C’est en revanche beaucoup moins évident pour ce qui concerne la culture qui amène de nombreuses interrogations

Pourquoi ?

Pourquoi transférer ?
La culture est certes un élément essentiel du vivre ensemble, où l’intervention de la puissance publique est essentielle.

Mais aujourd’hui, les initiatives culturelles, les grandes institutions, du fim d’histoire de Pessac au CAPC, en passant par Novart et Evento, sont nombreuses, les centres culturels des différentes villes de la CUB, depuis le Pin Galant jusqu’au Rocher de Palmer, sont actifs et ont des programmations intéressantes.

Bref, la culture est vivante sur tous les territoires de la Cub, pas du tout en jachère, pas du tout en attente d’un « Cultur Angel » ou d’un sauveur territorial.

Dans ces conditions, quels bénéfices  peut on attendre ?

La CUB n’arrive pas à assumer correctement et dans des délais raisonnables ses responsabilités obligatoires, celles qu’elle a déjà, faute de moyens suffisants.

Les exemples abondent et pour nous, saint-médardais, le plus criant est celui des transports où notre commune vit encore dans un triste et intolérable dénuement, sans disposer du tramway et en condamnant par exemple ses étudiants à des trajets de 1h30, voire 2h pour aller à la faculté.

La CUB ne dispose pas de service culturel. Elle devra embaucher, dégager un budget d’intervention  qui, vu l’ampleur des champs d’interventions et des critères retenus, ne pourra pas être que symbolique.

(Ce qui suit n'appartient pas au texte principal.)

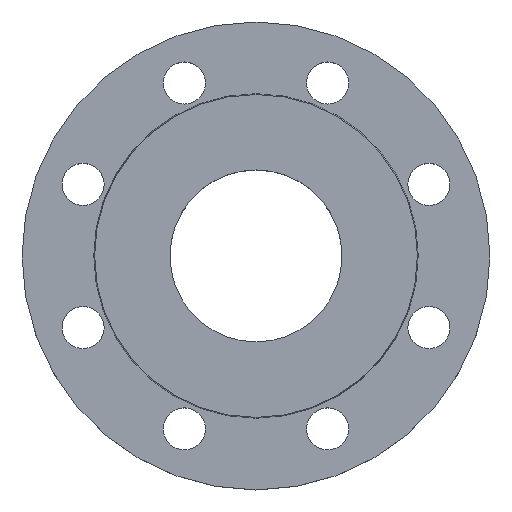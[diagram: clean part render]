
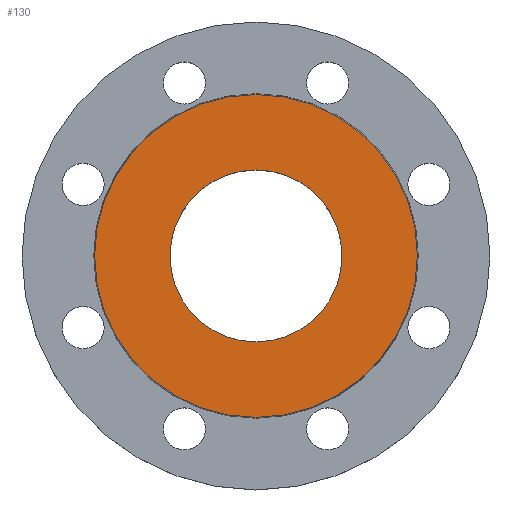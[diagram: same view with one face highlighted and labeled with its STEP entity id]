
A CAD part, top view. The second image highlights one B-rep face of the part: STEP entity #130.
In plain terms, the highlighted planar face has unit normal (0, 0, 1).
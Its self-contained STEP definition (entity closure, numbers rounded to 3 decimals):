
#21 = AXIS2_PLACEMENT_3D ( 'NONE', #718, #719, #721 ) ;
#29 = FACE_BOUND ( 'NONE', #1001, .T. ) ;
#43 = DIRECTION ( 'NONE',  ( 0., 0., 1. ) ) ;
#45 = AXIS2_PLACEMENT_3D ( 'NONE', #424, #423, #422 ) ;
#68 = EDGE_CURVE ( 'NONE', #835, #831, #780, .T. ) ;
#130 = ADVANCED_FACE ( 'NONE', ( #29, #509 ), #731, .T. ) ;
#134 = DIRECTION ( 'NONE',  ( 1., 0., 0. ) ) ;
#135 = DIRECTION ( 'NONE',  ( 0., 0., 1. ) ) ;
#136 = CARTESIAN_POINT ( 'NONE',  ( 0., 0., 0. ) ) ;
#211 = CARTESIAN_POINT ( 'NONE',  ( 69., 0., 0. ) ) ;
#214 = CARTESIAN_POINT ( 'NONE',  ( -69., 0., 0. ) ) ;
#216 = CARTESIAN_POINT ( 'NONE',  ( -36.753, 0., 0. ) ) ;
#245 = AXIS2_PLACEMENT_3D ( 'NONE', #352, #351, #350 ) ;
#348 = CIRCLE ( 'NONE', #245, 36.753 ) ;
#350 = DIRECTION ( 'NONE',  ( 1., 0., 0. ) ) ;
#351 = DIRECTION ( 'NONE',  ( 0., 0., 1. ) ) ;
#352 = CARTESIAN_POINT ( 'NONE',  ( 0., 0., 0. ) ) ;
#373 = CIRCLE ( 'NONE', #1005, 36.753 ) ;
#383 = CARTESIAN_POINT ( 'NONE',  ( 36.753, 0., 0. ) ) ;
#422 = DIRECTION ( 'NONE',  ( -1., 0., 0. ) ) ;
#423 = DIRECTION ( 'NONE',  ( 0., 0., -1. ) ) ;
#424 = CARTESIAN_POINT ( 'NONE',  ( 0., 0., 0. ) ) ;
#431 = EDGE_CURVE ( 'NONE', #831, #835, #775, .T. ) ;
#506 = DIRECTION ( 'NONE',  ( 1., 0., 0. ) ) ;
#509 = FACE_OUTER_BOUND ( 'NONE', #602, .T. ) ;
#522 = CARTESIAN_POINT ( 'NONE',  ( 0., 0., 0. ) ) ;
#579 = VERTEX_POINT ( 'NONE', #383 ) ;
#602 = EDGE_LOOP ( 'NONE', ( #987, #989 ) ) ;
#709 = EDGE_CURVE ( 'NONE', #579, #830, #348, .T. ) ;
#718 = CARTESIAN_POINT ( 'NONE',  ( 0., 0., 0. ) ) ;
#719 = DIRECTION ( 'NONE',  ( 0., 0., -1. ) ) ;
#721 = DIRECTION ( 'NONE',  ( -1., 0., 0. ) ) ;
#731 = PLANE ( 'NONE',  #774 ) ;
#774 = AXIS2_PLACEMENT_3D ( 'NONE', #522, #43, #506 ) ;
#775 = CIRCLE ( 'NONE', #45, 69. ) ;
#780 = CIRCLE ( 'NONE', #21, 69. ) ;
#830 = VERTEX_POINT ( 'NONE', #216 ) ;
#831 = VERTEX_POINT ( 'NONE', #214 ) ;
#835 = VERTEX_POINT ( 'NONE', #211 ) ;
#937 = EDGE_CURVE ( 'NONE', #830, #579, #373, .T. ) ;
#984 = ORIENTED_EDGE ( 'NONE', *, *, #709, .F. ) ;
#985 = ORIENTED_EDGE ( 'NONE', *, *, #937, .F. ) ;
#987 = ORIENTED_EDGE ( 'NONE', *, *, #431, .F. ) ;
#989 = ORIENTED_EDGE ( 'NONE', *, *, #68, .F. ) ;
#1001 = EDGE_LOOP ( 'NONE', ( #984, #985 ) ) ;
#1005 = AXIS2_PLACEMENT_3D ( 'NONE', #136, #135, #134 ) ;
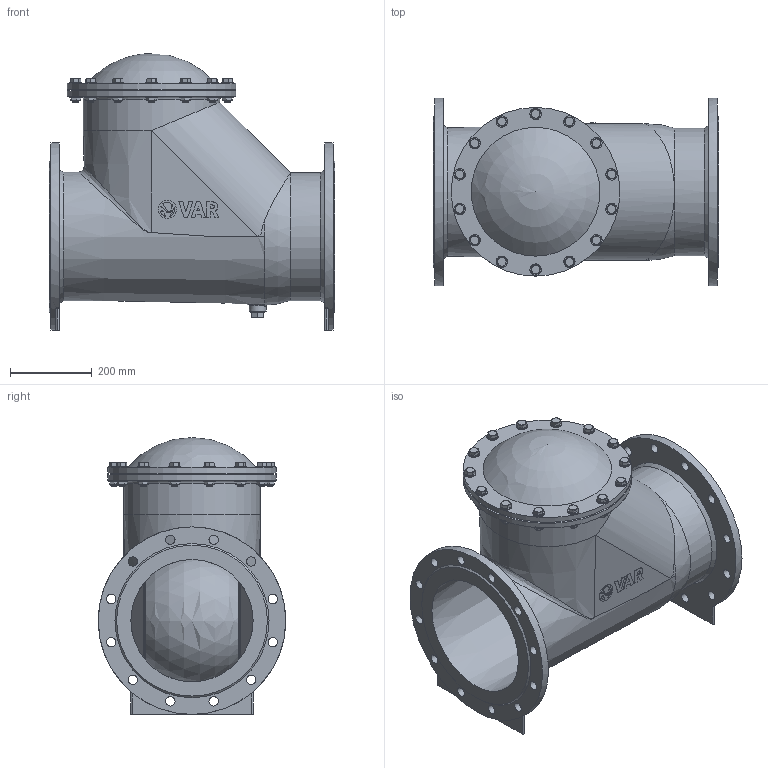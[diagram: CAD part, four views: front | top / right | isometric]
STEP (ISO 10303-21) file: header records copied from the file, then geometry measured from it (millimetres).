
FILE_DESCRIPTION(('STEP AP203'), '1');
FILE_NAME('Øàðîâîé îáðàòíûé êëàïàí VAG KRV', '', ('UNSPECIFIED'), ('UNSPECIFIED'), 'C3D Converter', 'C3D Toolkit', '');
FILE_SCHEMA(('CONFIG_CONTROL_DESIGN'));
Length unit declared in the file: millimetre
Assembly tree (62 placements, depth 2):
  (unnamed)
    (unnamed)
    (unnamed)
    (unnamed)
    (unnamed)
    (unnamed)
    (unnamed)  x14
    (unnamed)  x14
    (unnamed)  x14
    (unnamed)  x14
    (unnamed)
Bounding box: 700 x 460 x 679 mm (x, y, z)
Volume: 31762919.4 mm3; surface area: 3496444.9 mm2
Topology: 63 solids, 64 shells, 919 faces, 2279 edges, 1550 vertices
Faces by surface type: plane 455, cylinder 165, extrusion 158, cone 99, torus 18, bspline 15, sphere 9
Full cylindrical faces by diameter (mm): 14.376 x14, 16 x14, 17 x28, 18 x28, 20 x2, 21 x1, 23 x24, 28 x14, 28.19 x1, 30 x14, 34 x1, 41 x1, 44.406 x1, 300 x1, 314 x1, 321 x1, 335 x1, 414 x2, 460 x2
Entity records: 24343 total; most frequent: CARTESIAN_POINT 9413, ORIENTED_EDGE 2270, DIRECTION 1834, EDGE_CURVE 1135, VERTEX_POINT 805, EDGE_LOOP 714, VECTOR 666, AXIS2_PLACEMENT_3D 584

Est-ce que cette intervention mettra de l’ordre, si tant que ce puisse être un but souhaitable, limitera les concurrences stériles entre villes ?
On peut en douter car l’effet d’aubaine amènera chaque ville à vouloir maximiser les aides financières en provenance de la CUB, en mettant en avant l’impact extrêmement fort sur, par exemple le lien social, de toutes ses manifestations.

Comment ?

Si on lit bien le texte de la délibération, il est demandé de transférer sans transférer tout en transférant.

Exercice, vous en conviendrez,  difficile et peu convaincant.

La délibération exclut ainsi très clairement la participation de la CUB au fonctionnement ou à la gouvernance des institutions ou associations culturelles, du type Grand Théatre.

Si  le transfert est  vraiment nécessaire, il devrait  d’abord l’être pour les grands équipements, Grand Théatre, CAPC, etc…

Elle exclut également grâce à une formule alambiquée « programmation des territoires de la métropole » toute programmation communautaire.
Malgré ça, le champ d’intervention est très large :

- Les évènements métropolitains,
- Les manifestations communales : qui remplissent un rôle « important » pour le territoire.
- Les manifestations trans-communales
- L’évènement d’agglomération : qualifié de fédérateur, collectif, incarnant la « métropole des 5 sens.

Il s’agit, chacun en conviendra, de critères très vagues auxquelles s’ajoutent d’autres notions tout aussi vagues.

Le critère économique mais aussi l’amélioration attendue du lien social, la cohésion territoriale, l’image, l’attractivité, le rayonnement.

L’impression qui demeure au final est que ce transfert, non nécessaire au vu des réalités actuelles sur le territoire de la CUB, a été motivé en fait par la volonté politique d’avoir sous la signature CUB, pour être exact, sous la signature du Président de la CUB le fameux grand événement métropolitain.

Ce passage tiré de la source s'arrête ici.